The core support for this incarnation of capitalism, which synthesizes the aspirations of the “old” labour movement and “new” social, especially environmental, movements, would be found in the (especially younger) professional middle classes in the big cities and towns and the unionized working class. Even centrist political parties could support this kind of political agenda.
The other scenario (combining the colour black for nationalism and brown for right-wing populism) might be termed “light-black capitalism”. Like “yellow capitalism”, it would also be highly interventionist, but would be fiscally regressive rather than redistributive, as has been the thrust of President Trump’s tax policy in the US. Climate change would be ignored in favour of maximizing (quantitative) economic growth. Domestic business would be increasingly protected from international competition, while comprehensive immigration controls would offer the (ethnically defined) “people” some protection from the competition of “foreign” workers. The core support for “light-black capitalism” would be in domestic-market-oriented business, among residents of small towns, villages and the countryside as well as in declining industrial regions, among “value conservatives” afraid that changes in dominant social values are destroying traditional norms and life-styles, and among “status anxious” workers hostile to immigration.

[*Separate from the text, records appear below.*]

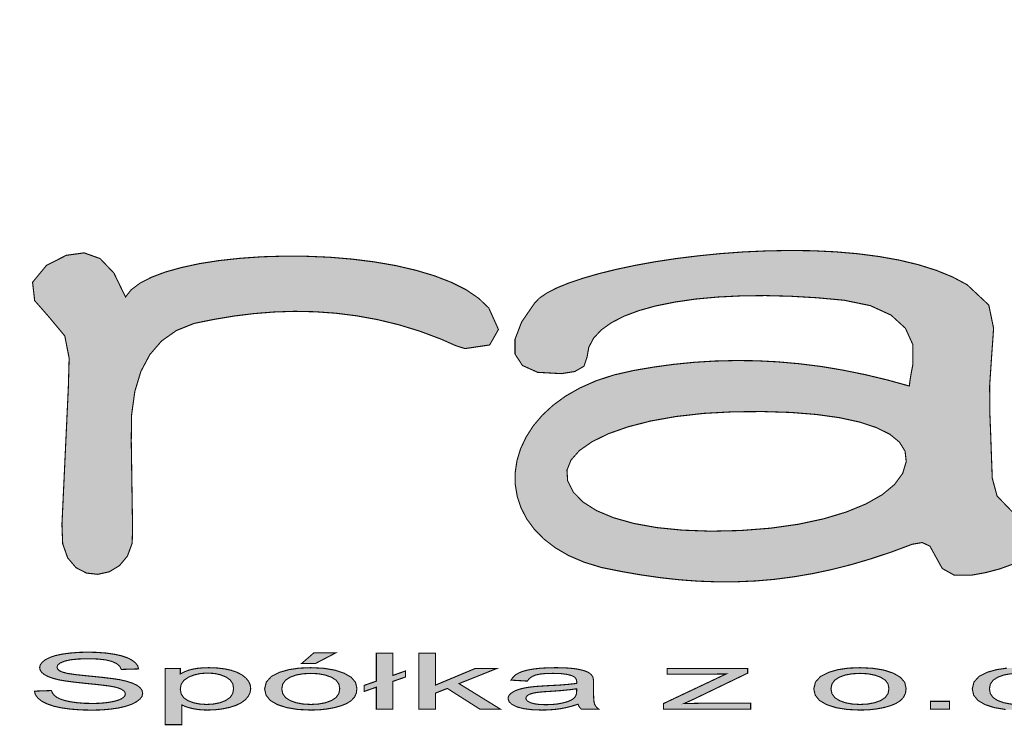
# Model space of a CAD drawing. Header units: millimetres. Extents: x 947 to 1808, y 151 to 525.
# Tile 6 of 27: x 1198 to 1209, y 165 to 173. Entities that reach past the tile are written whole.
import ezdxf
from ezdxf.enums import TextEntityAlignment as Align

# ---------------------------------------------------------------- set-up
doc = ezdxf.new("R2010")
doc.units = ezdxf.units.MM
doc.header["$LTSCALE"] = 15
doc.layers.add('LOGO', color=152, linetype='Continuous')
doc.layers.add('WARSTWA_1', color=7, linetype='Continuous')
doc.styles.add('ROMAND', font='romand.shx')

# ---------------------------------------------------------------- blocks, each defined once
blk = doc.blocks.new('LOGO')
at = {"layer": 'LOGO'}
h = blk.add_hatch(color=7, dxfattribs=at)
h.paths.add_polyline_path([(10.22, 5.846), (10.022, 5.995), (9.812, 6.126), (9.591, 6.239), (9.36, 6.336), (9.12, 6.416), (8.871, 6.479), (8.614, 6.526), (8.351, 6.556), (8.08, 6.569), (7.805, 6.567), (7.525, 6.548), (7.24, 6.513), (6.953, 6.463), (6.663, 6.397), (6.372, 6.315), (6.143, 6.233), (5.93, 6.134), (5.735, 6.021), (5.556, 5.894), (5.394, 5.755), (5.249, 5.606), (5.121, 5.447), (5.01, 5.28), (4.917, 5.107), (4.842, 4.929), (4.784, 4.747), (4.743, 4.563), (4.721, 4.378), (4.716, 4.193), (4.73, 4.01), (4.762, 3.831), (4.812, 3.656), (4.88, 3.487), (4.967, 3.325), (5.073, 3.173), (5.197, 3.03), (5.34, 2.899), (5.502, 2.781), (5.684, 2.678), (5.884, 2.59), (6.104, 2.519), (6.344, 2.467), (6.629, 2.42), (6.913, 2.384), (7.195, 2.361), (7.477, 2.35), (7.757, 2.352), (8.035, 2.367), (8.312, 2.397), (8.588, 2.44), (8.861, 2.499), (9.134, 2.574), (9.404, 2.664), (9.673, 2.771), (9.94, 2.894), (10.206, 3.035), (10.206, 1.984), (10.154, 1.599), (10.005, 1.343), (9.769, 1.205), (9.453, 1.175), (6.074, 1.147), (5.802, 1.111), (5.603, 1.018), (5.479, 0.888), (5.431, 0.738), (5.463, 0.588), (5.574, 0.456), (5.768, 0.362), (6.045, 0.323), (9.212, 0.323), (9.52, 0.348), (9.807, 0.398), (10.069, 0.475), (10.304, 0.58), (10.509, 0.714), (10.681, 0.879), (10.818, 1.075), (10.916, 1.305), (10.973, 1.57), (10.986, 1.871), (10.986, 5.321), (11.021, 5.53), (11.112, 5.721), (11.27, 5.889), (11.425, 6.043), (11.458, 6.218), (11.37, 6.414), (11.192, 6.645), (11.017, 6.759), (10.847, 6.765), (10.681, 6.669), (10.521, 6.479), (10.367, 6.202)])
h.paths.add_polyline_path([(9.857, 4.879), (9.989, 4.711), (10.069, 4.545), (10.094, 4.385), (10.06, 4.214), (9.968, 4.046), (9.82, 3.885), (9.62, 3.734), (9.369, 3.594), (9.07, 3.471), (8.725, 3.366), (8.335, 3.282), (7.905, 3.223), (7.543, 3.202), (7.199, 3.213), (6.876, 3.254), (6.58, 3.322), (6.313, 3.414), (6.079, 3.528), (5.884, 3.661), (5.731, 3.812), (5.624, 3.976), (5.567, 4.153), (5.564, 4.339), (5.617, 4.544), (5.718, 4.739), (5.862, 4.922), (6.048, 5.09), (6.272, 5.239), (6.531, 5.368), (6.822, 5.473), (7.142, 5.551), (7.489, 5.6), (7.858, 5.617), (8.229, 5.597), (8.578, 5.539), (8.902, 5.449), (9.196, 5.332), (9.456, 5.195), (9.678, 5.042)], flags=16)
h.paths.add_polyline_path([(13.289, 6.138), (13.168, 6.047), (13.09, 5.948), (12.93, 6.277), (12.74, 6.476), (12.52, 6.554), (12.275, 6.52), (12.004, 6.382), (11.812, 6.15), (11.841, 5.898), (12.04, 5.671), (12.255, 5.413), (12.315, 5.107), (12.304, 4.707), (12.216, 2.82), (12.226, 2.559), (12.295, 2.364), (12.409, 2.23), (12.552, 2.156), (12.709, 2.138), (12.866, 2.173), (13.007, 2.258), (13.117, 2.39), (13.182, 2.567), (13.187, 2.784), (13.169, 3.972), (13.174, 4.332), (13.218, 4.65), (13.301, 4.925), (13.424, 5.156), (13.586, 5.344), (13.789, 5.487), (14.034, 5.585), (14.306, 5.64), (14.581, 5.686), (14.857, 5.72), (15.136, 5.742), (15.416, 5.751), (15.698, 5.745), (15.982, 5.725), (16.268, 5.689), (16.555, 5.637), (16.845, 5.567), (17.136, 5.478), (17.428, 5.369), (17.529, 5.324), (17.63, 5.279), (17.757, 5.239), (18.096, 5.289), (18.217, 5.502), (18.084, 5.797), (17.946, 5.929), (17.773, 6.047), (17.567, 6.15), (17.334, 6.24), (17.077, 6.316), (16.801, 6.38), (16.509, 6.43), (16.206, 6.468), (15.895, 6.494), (15.581, 6.507), (15.268, 6.509), (14.96, 6.5), (14.662, 6.479), (14.376, 6.448), (14.108, 6.406), (13.861, 6.353), (13.639, 6.291), (13.447, 6.219)])
h.paths.add_polyline_path([(20.924, 5.919), (21.228, 5.947), (21.55, 5.963), (21.887, 5.967), (22.238, 5.958), (22.6, 5.937), (22.97, 5.903), (23.33, 5.829), (23.614, 5.699), (23.812, 5.518), (23.915, 5.291), (23.915, 5.023), (23.894, 4.916), (23.877, 4.818), (23.865, 4.725), (23.556, 4.81), (23.251, 4.883), (22.948, 4.944), (22.649, 4.994), (22.352, 5.031), (22.058, 5.057), (21.767, 5.072), (21.478, 5.075), (21.192, 5.068), (20.909, 5.051), (20.628, 5.023), (20.35, 4.985), (20.074, 4.938), (19.805, 4.877), (19.56, 4.797), (19.338, 4.699), (19.141, 4.587), (18.968, 4.461), (18.819, 4.323), (18.695, 4.177), (18.596, 4.022), (18.521, 3.863), (18.471, 3.699), (18.447, 3.534), (18.448, 3.37), (18.475, 3.208), (18.528, 3.05), (18.606, 2.899), (18.711, 2.756), (18.842, 2.623), (19, 2.502), (19.184, 2.395), (19.395, 2.305), (19.633, 2.232), (19.908, 2.177), (20.178, 2.13), (20.445, 2.092), (20.708, 2.063), (20.97, 2.044), (21.229, 2.035), (21.488, 2.036), (21.747, 2.047), (22.007, 2.069), (22.268, 2.103), (22.531, 2.147), (22.798, 2.204), (23.068, 2.272), (23.342, 2.353), (23.622, 2.446), (23.907, 2.552), (24.043, 2.575), (24.149, 2.525), (24.221, 2.394), (24.319, 2.218), (24.483, 2.127), (24.717, 2.126), (24.915, 2.162), (25.109, 2.213), (25.299, 2.282), (25.498, 2.455), (25.502, 2.71), (25.299, 2.978), (25.072, 3.214), (25.006, 3.457), (24.995, 3.745), (24.985, 4.032), (24.972, 4.366), (24.97, 4.73), (24.995, 5.108), (25.024, 5.517), (24.958, 5.837), (24.66, 6.116), (24.46, 6.223), (24.236, 6.314), (23.991, 6.391), (23.728, 6.454), (23.448, 6.504), (23.155, 6.542), (22.852, 6.568), (22.541, 6.583), (22.225, 6.587), (21.906, 6.581), (21.588, 6.567), (21.273, 6.544), (20.963, 6.513), (20.662, 6.476), (20.372, 6.432), (20.096, 6.382), (19.836, 6.327), (19.596, 6.268), (19.378, 6.205), (19.184, 6.14), (19.018, 6.072), (18.882, 6.002), (18.778, 5.931), (18.711, 5.86), (18.535, 5.603), (18.444, 5.366), (18.445, 5.163), (18.547, 5.007), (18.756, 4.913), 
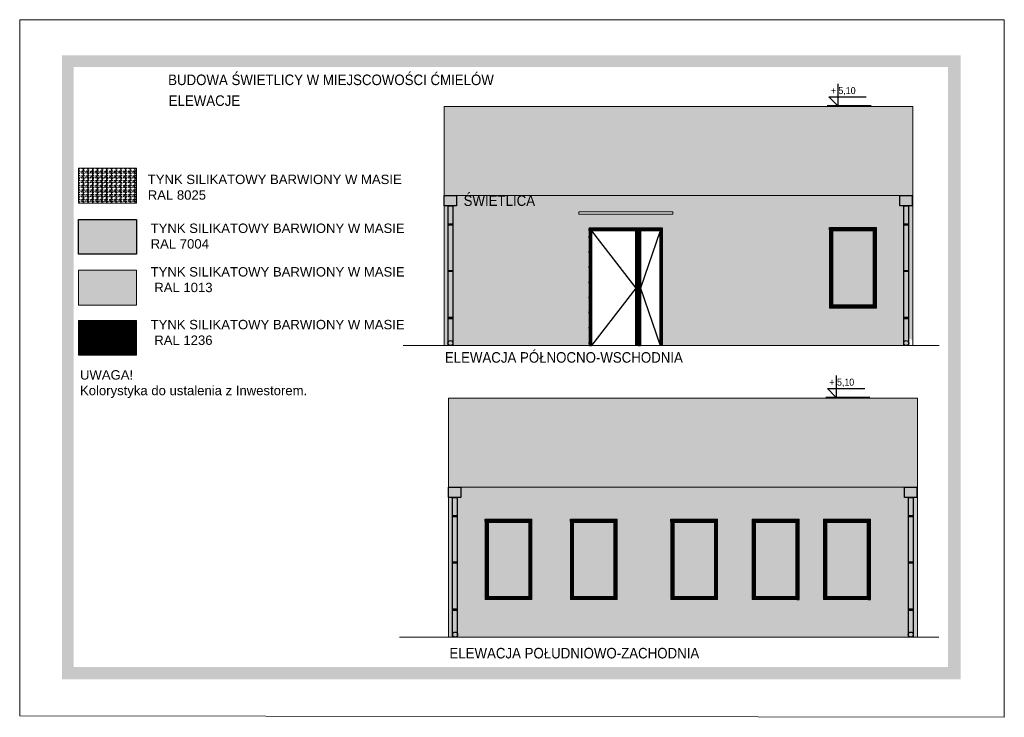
# Model space of a CAD drawing. Header units: metres. Extents: x 6502846 to 6512378, y 5892705 to 5896166.
# Tile 57 of 73: x 6508080 to 6510180, y 5892705 to 5894194. Entities that reach past the tile are written whole.
import ezdxf

# ---------------------------------------------------------------- set-up
doc = ezdxf.new("R2010")
doc.units = ezdxf.units.M
doc.header["$MEASUREMENT"] = 0
doc.layers.get('0').update_dxf_attribs({"color": 2})
doc.layers.add('_tabelki_ramki_cienkie', color=251, linetype='Continuous', lineweight=5)
doc.layers.add('A_wypełnienie', color=253, linetype='Continuous', lineweight=0)
for name, color, linetype in [('A_stolarka drzwiowa', 74, 'Continuous'), ('I_wypełnienie', 254, 'Continuous'), ('INFO_opisy_p.poż.', 22, 'Continuous'), ('INFO_rzędne', 21, 'Continuous'), ('INFO_wymiary', 16, 'Continuous'), ('TEXT', 7, 'Continuous')]:
    doc.layers.add(name, color=color, linetype=linetype)
doc.styles.add('ARCHENIKA_100_wymiary', font='arial.ttf', dxfattribs={"width": 0.9, "height": 15})
doc.styles.add('Arial', font='arial.ttf', dxfattribs={"width": 0.9})
doc.styles.add('DEMIURG', font='arial.ttf')
doc.styles.add('DEMIURG_100_wymiary', font='arial.ttf', dxfattribs={"width": 0.9, "height": 15})
doc.dimstyles.new('plus_wierzch', dxfattribs={"dimscale": 2, "dimtxt": 10, "dimasz": 0.5, "dimexe": 15, "dimexo": 0, "dimgap": 0, "dimtad": 0, "dimjust": 2, "dimtih": 1, "dimtoh": 1, "dimlfac": 0.01, "dimzin": 4, "dimtxsty": 'Arial', "dimblk": 'plus_kota_wierzch', "dimcen": 0, "dimse1": 1, "dimsd1": 1, "dimclrd": 256, "dimclre": 256, "dimclrt": 256, "dimazin": 0, "dimtfac": 1, "dimtofl": 0, "dimtmove": 2, "dimatfit": 2, "dimldrblk": 'NONE', "dimfxl": 1, "dimlwd": -1, "dimlwe": -1, "dimarcsym": 0})
pattern_1 = [(225, (-3701.49496, -1727.01065), (0.0883883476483, -0.0883883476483), [])]

# ---------------------------------------------------------------- blocks, each defined once
blk = doc.blocks.new('plus_kota_wierzch')
at = {"color": 0, "ltscale": 100}
blk.add_lwpolyline([(62.5, 0), (0, 0), (25, 25), (25, -81)], dxfattribs=at)
blk = doc.blocks.new('*D943')
at = {"layer": 'Defpoints', "color": 0, "linetype": 'ByBlock'}
for p in [(6509825, 5894010), (6509896.4, 5894010), (6509741, 5893660)]:
    blk.add_point(p, dxfattribs=at)
at = {"layer": 'INFO_rzędne'}
for p, q in [((6509896.4, 5894010), (6509802.5, 5894010)), ((6509825, 5894010), (6509825, 5894008.5))]:
    blk.add_line(p, q, dxfattribs=at)
at = {"layer": 'INFO_rzędne', "linetype": 'ByBlock', "xscale": 0.75, "yscale": 0.75, "zscale": 0.75, "rotation": 90}
blk.add_blockref('plus_kota_wierzch', (6509825, 5894010), dxfattribs=at)
at = {"layer": 'INFO_rzędne', "linetype": 'ByBlock', "insert": (6509836.8, 5894041), "char_height": 15, "attachment_point": 5, "style": 'DEMIURG_100_wymiary'}
blk.add_mtext('+ 5,10', dxfattribs=at)
blk = doc.blocks.new('_None')
blk = doc.blocks.new('*D944')
at = {"layer": 'Defpoints', "color": 0, "linetype": 'ByBlock'}
for p in [(6509822.1, 5893388), (6509893.4, 5893388), (6509738.1, 5893038)]:
    blk.add_point(p, dxfattribs=at)
at = {"layer": 'INFO_rzędne'}
for p, q in [((6509893.4, 5893388), (6509799.6, 5893388)), ((6509822.1, 5893388), (6509822.1, 5893386.5))]:
    blk.add_line(p, q, dxfattribs=at)
at = {"layer": 'INFO_rzędne', "linetype": 'ByBlock', "xscale": 0.75, "yscale": 0.75, "zscale": 0.75, "rotation": 90}
blk.add_blockref('plus_kota_wierzch', (6509822.1, 5893388), dxfattribs=at)
at = {"layer": 'INFO_rzędne', "linetype": 'ByBlock', "insert": (6509833.8, 5893419), "char_height": 15, "attachment_point": 5, "style": 'DEMIURG_100_wymiary'}
blk.add_mtext('+ 5,10', dxfattribs=at)

msp = doc.modelspace()

# ---------------------------------------------------------------- hatches: boundary and pattern name
at = {"layer": 'A_wypełnienie', "linetype": 'ByBlock', "lineweight": 9, "true_color": 0x846548, "transparency": 33554687}
h = msp.add_hatch(dxfattribs=at)
h.set_pattern_fill('SPANTILE', color=37, scale=10)
h.set_pattern_definition([(274.9697, (693.44994, -9.18458), (-9.99991307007, 120.000010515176), [9.23472, -221.63321]), (180, (694.25, -18.385), (-10, -10), [0.8, -9.2]), (0, (684.25, -19.185), (10, 10), [2.8, -7.2]), (90, (687.05, -19.185), (-10, 10), [1, -9]), (270, (693.45, -18.185), (10, -10), [1, -9]), (0, (693.45, -19.185), (10, 10), [0.8, -9.2]), (0, (684.25, -18.385), (10, 10), [2, -8]), (85.0303, (686.24994, -18.38458), (9.99991307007, 120.000010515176), [9.23472, -221.63321]), (52.6961, (686.24994, -17.88458), (-129.99985889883, -170.000107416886), [2.64008, -261.3675]), (18.4349, (687.85, -15.7846), (20.0000043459, 9.9999840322), [2.52982, -29.09295]), (341.5651, (690.25, -14.9846), (-20.0000043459, 9.9999840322), [2.52982, -29.09295]), (307.3039, (692.64994, -15.78458), (129.99985889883, -170.000107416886), [2.64008, -261.3675]), (20.2249, (688.34994, -16.4846), (-109.999972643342, -40.000083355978), [2.02485, -200.45972]), (339.7751, (690.24994, -15.7846), (109.999972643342, -40.000083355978), [2.02485, -200.45972]), (307.4054, (692.14994, -16.4846), (100.00009952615, -129.9999246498), [2.14009, -211.86925]), (52.5946, (687.04994, -18.1846), (-100.00009952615, -129.9999246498), [2.14009, -211.86925])])
h.paths.add_polyline_path([(6509985.397, 5893818.529), (6509985.397, 5894008.529), (6508985.397, 5894008.529), (6508985.397, 5893818.529)])
h = msp.add_hatch(dxfattribs=at)
h.set_pattern_fill('SPANTILE', color=37, scale=10)
h.set_pattern_definition([(274.9697, (-2357.22226, -50.1831), (-9.99991307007, 120.000010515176), [9.23472, -221.63321]), (180, (-2356.422, -59.383), (-10, -10), [0.8, -9.2]), (0, (-2366.422, -60.183), (10, 10), [2.8, -7.2]), (90, (-2363.622, -60.183), (-10, 10), [1, -9]), (270, (-2357.222, -59.183), (10, -10), [1, -9]), (0, (-2357.222, -60.183), (10, 10), [0.8, -9.2]), (0, (-2366.422, -59.383), (10, 10), [2, -8]), (85.0303, (-2364.42226, -59.3831), (9.99991307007, 120.000010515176), [9.23472, -221.63321]), (52.6961, (-2364.42226, -58.8831), (-129.99985889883, -170.000107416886), [2.64008, -261.3675]), (18.4349, (-2362.8223, -56.783), (20.0000043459, 9.9999840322), [2.52982, -29.09295]), (341.5651, (-2360.4223, -55.983), (-20.0000043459, 9.9999840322), [2.52982, -29.09295]), (307.3039, (-2358.02226, -56.7831), (129.99985889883, -170.000107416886), [2.64008, -261.3675]), (20.2249, (-2362.32226, -57.4831), (-109.999972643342, -40.000083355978), [2.02485, -200.45972]), (339.7751, (-2360.42226, -56.7831), (109.999972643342, -40.000083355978), [2.02485, -200.45972]), (307.4054, (-2358.52226, -57.4831), (100.00009952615, -129.9999246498), [2.14009, -211.86925]), (52.5946, (-2363.62226, -59.1831), (-100.00009952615, -129.9999246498), [2.14009, -211.86925])])
h.paths.add_polyline_path([(6508206.085, 5893802.509), (6508329.797, 5893802.509), (6508329.797, 5893876.689), (6508206.085, 5893876.689)])
at = {"layer": 'A_wypełnienie', "true_color": 0xd6d6d6}
h = msp.add_hatch(color=254, dxfattribs=at)
h.dxf.hatch_style = 1
h.paths.add_polyline_path([(6509011.794, 5893818.529), (6508985.397, 5893818.529), (6508985.397, 5893796.428), (6508994.58, 5893796.428), (6508994.58, 5893796.638), (6509004.58, 5893796.638), (6509011.794, 5893796.428)])
h = msp.add_hatch(color=254, dxfattribs=at)
h.dxf.hatch_style = 1
h.paths.add_polyline_path([(6509983.745, 5893818.529), (6509957.347, 5893818.529), (6509957.347, 5893796.428), (6509966.53, 5893796.428), (6509966.53, 5893796.638), (6509976.53, 5893796.638), (6509983.745, 5893796.428)])
h = msp.add_hatch(color=254, dxfattribs=at)
h.dxf.hatch_style = 1
h.paths.add_polyline_path([(6508999.119, 5893498.529), (6509003.941, 5893498.529), (6509003.941, 5893501.581), (6509003.941, 5893506.149), (6509003.941, 5893796.638), (6508993.941, 5893796.638), (6508993.941, 5893505.153), (6508993.941, 5893502.577), (6508993.941, 5893498.529)])
h = msp.add_hatch(color=254, dxfattribs=at)
h.dxf.hatch_style = 1
h.paths.add_polyline_path([(6509971.07, 5893498.529), (6509975.892, 5893498.529), (6509975.892, 5893501.581), (6509975.892, 5893506.149), (6509975.892, 5893796.638), (6509965.892, 5893796.638), (6509965.892, 5893505.153), (6509965.892, 5893502.577), (6509965.892, 5893498.529)])
h = msp.add_hatch(color=254, dxfattribs=at)
h.dxf.hatch_style = 1
h.paths.add_polyline_path([(6508329.676, 5893693.496), (6508329.676, 5893767.676), (6508205.963, 5893767.676), (6508205.963, 5893693.496)])
at = {"layer": 'A_wypełnienie', "linetype": 'ByBlock', "lineweight": 30, "transparency": 33554687}
h = msp.add_hatch(dxfattribs=at)
h.set_pattern_fill('ANSI31', color=33, angle=180)
h.set_pattern_definition([(225, (-3693.70731, -1875.97566), (0.0883883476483, -0.0883883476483), [])])
h.paths.add_polyline_path([(6509294.822, 5893498.529), (6509299.822, 5893498.529), (6509299.822, 5893743.529), (6509394.387, 5893743.529), (6509394.387, 5893498.529), (6509399.387, 5893498.529), (6509399.387, 5893748.529), (6509294.822, 5893748.529)])
h.paths.add_polyline_path([(6509404.387, 5893498.529), (6509404.387, 5893743.529), (6509446.572, 5893743.529), (6509446.572, 5893498.529), (6509451.572, 5893498.529), (6509451.572, 5893748.529), (6509399.387, 5893748.529), (6509399.387, 5893498.529)])
h = msp.add_hatch(dxfattribs=at)
h.set_pattern_fill('ANSI31', color=33, angle=180)
h.set_pattern_definition([(225, (-3688.88317, -1104.99422), (0.0883883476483, -0.0883883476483), [])])
h.paths.add_polyline_path([(6509900.66, 5893743.025), (6509900.66, 5893585.529), (6509814.66, 5893585.529), (6509814.66, 5893743.025)])
h.paths.add_polyline_path([(6509807.66, 5893578.529), (6509807.66, 5893750.025), (6509907.66, 5893750.025), (6509907.66, 5893578.529)])
h.paths.add_polyline_path([(6509900.66, 5893743.025), (6509900.66, 5893585.529), (6509814.66, 5893585.529), (6509814.66, 5893743.025)])
h.paths.add_polyline_path([(6509809.66, 5893748.025), (6509809.66, 5893580.529), (6509905.66, 5893580.529), (6509905.66, 5893748.025)])
h.paths.add_polyline_path([(6509900.66, 5893743.025), (6509900.66, 5893585.529), (6509814.66, 5893585.529), (6509814.66, 5893743.025)])
h.paths.add_polyline_path([(6509905.66, 5893580.529), (6509809.66, 5893580.529), (6509809.66, 5893748.025), (6509905.66, 5893748.025)])
h.paths.add_polyline_path([(6509814.66, 5893743.025), (6509814.66, 5893585.529), (6509900.66, 5893585.529), (6509900.66, 5893743.025)], flags=0)
at = {"layer": 'A_wypełnienie', "ltscale": 0.05, "true_color": 0x7fffff}
h = msp.add_hatch(color=131, dxfattribs=at)
h.set_gradient(color1=(127, 255, 255), color2=(214, 214, 214), tint=1, name='HEMISPHERICAL')
h.paths.add_polyline_path([(6509814.66, 5893743.025), (6509814.66, 5893585.529), (6509900.66, 5893585.529), (6509900.66, 5893743.025)])
at = {"layer": 'A_wypełnienie', "linetype": 'ByBlock', "lineweight": 30, "transparency": 33554687}
h = msp.add_hatch(dxfattribs=at)
h.set_pattern_fill('ANSI31', color=33, angle=180)
h.set_pattern_definition([(225, (-7055.73874, -1881.17412), (0.0883883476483, -0.0883883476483), [])])
h.paths.add_polyline_path([(6508329.676, 5893477.755), (6508329.676, 5893551.934), (6508205.963, 5893551.934), (6508205.963, 5893477.755)])
at = {"layer": 'A_wypełnienie', "linetype": 'ByBlock', "lineweight": 9, "true_color": 0x846548, "transparency": 33554687}
h = msp.add_hatch(dxfattribs=at)
h.set_pattern_fill('SPANTILE', color=37, scale=10)
h.set_pattern_definition([(274.9697, (693.44994, -9.18458), (-9.99991307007, 120.000010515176), [9.23472, -221.63321]), (180, (694.25, -18.385), (-10, -10), [0.8, -9.2]), (0, (684.25, -19.185), (10, 10), [2.8, -7.2]), (90, (687.05, -19.185), (-10, 10), [1, -9]), (270, (693.45, -18.185), (10, -10), [1, -9]), (0, (693.45, -19.185), (10, 10), [0.8, -9.2]), (0, (684.25, -18.385), (10, 10), [2, -8]), (85.0303, (686.24994, -18.38458), (9.99991307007, 120.000010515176), [9.23472, -221.63321]), (52.6961, (686.24994, -17.88458), (-129.99985889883, -170.000107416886), [2.64008, -261.3675]), (18.4349, (687.85, -15.7846), (20.0000043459, 9.9999840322), [2.52982, -29.09295]), (341.5651, (690.25, -14.9846), (-20.0000043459, 9.9999840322), [2.52982, -29.09295]), (307.3039, (692.64994, -15.78458), (129.99985889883, -170.000107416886), [2.64008, -261.3675]), (20.2249, (688.34994, -16.4846), (-109.999972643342, -40.000083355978), [2.02485, -200.45972]), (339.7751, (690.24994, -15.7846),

Which of these two incarnations of a state-interventionist capitalism – “yellow” or “light-black” – becomes the predominant form in the post-coronavirus era will be determined by the outcomes of political struggle and conflict in mostly national political arenas. The only thing that is certain is that, for the time being at least, market-friendly incarnations of capitalism will wither.
So far, in the coronavirus crisis, citizens in most countries have rallied to their governments in a spirit of national unity akin to what has occasionally happened historically at the outbreak of wars. However, we are currently still passing through the first stage – the public-health phase – of the coronavirus crisis. Expansionary monetary and fiscal policies and the subsidization – on a massive scale – of short-time work have enabled most governments to postpone the arrival of the second, the economic and financial, phase of the crisis. But unless the recovery of the world economy is very rapid, this next phase will materialize. It will be all the more destructive now that a second wave of the coronavirus is upon is, requiring new lockdown measures that will exacerbate the economic problems caused by those taken earlier this year.
This phase of the crisis will likely witness greater, perhaps much greater, social and political upheaval than the first. Regardless of how well or badly some national-populist governments have hitherto managed the crisis so far, the growing socio-economic dislocation and insecurity that will increasingly characterize this second phase of the crisis could give movements based on this kind of ideology a powerful new impetus.
An upsurge of “light-black capitalism” would likely plunge the world economy into an even deeper recession. Even more ominously, it would also increase the probability of large-scale military conflict. As the American economist Otto Mallery wrote during the Second World War: “When goods don’t cross borders, soldiers will”. In this regard too, the events and trends of the 1930s still provide us today with lessons that we ignore at our peril.